Work task:
Pick every line out of the entries below that holds the string "STEP", and report them.

Records from a collection:

- - -

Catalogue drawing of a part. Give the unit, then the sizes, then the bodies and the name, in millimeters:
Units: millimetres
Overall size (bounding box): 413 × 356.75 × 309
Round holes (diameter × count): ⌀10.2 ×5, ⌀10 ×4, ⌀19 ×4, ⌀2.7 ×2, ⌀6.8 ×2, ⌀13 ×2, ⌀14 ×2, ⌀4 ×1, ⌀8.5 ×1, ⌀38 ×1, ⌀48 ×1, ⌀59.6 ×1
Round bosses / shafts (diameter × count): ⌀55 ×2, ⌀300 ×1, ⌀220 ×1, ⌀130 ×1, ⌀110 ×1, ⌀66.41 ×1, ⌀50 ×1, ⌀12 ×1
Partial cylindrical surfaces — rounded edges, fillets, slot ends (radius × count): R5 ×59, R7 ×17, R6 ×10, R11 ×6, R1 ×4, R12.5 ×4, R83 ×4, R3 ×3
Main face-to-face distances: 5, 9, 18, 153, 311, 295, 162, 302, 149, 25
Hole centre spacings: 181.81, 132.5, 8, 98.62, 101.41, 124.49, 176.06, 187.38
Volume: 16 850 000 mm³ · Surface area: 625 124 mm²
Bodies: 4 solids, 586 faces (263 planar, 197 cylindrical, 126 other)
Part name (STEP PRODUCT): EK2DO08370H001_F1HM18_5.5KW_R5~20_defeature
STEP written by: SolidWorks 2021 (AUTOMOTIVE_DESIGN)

- - -

Response area:
Part name (STEP PRODUCT): EK2DO08370H001_F1HM18_5.5KW_R5~20_defeature
STEP written by: SolidWorks 2021 (AUTOMOTIVE_DESIGN)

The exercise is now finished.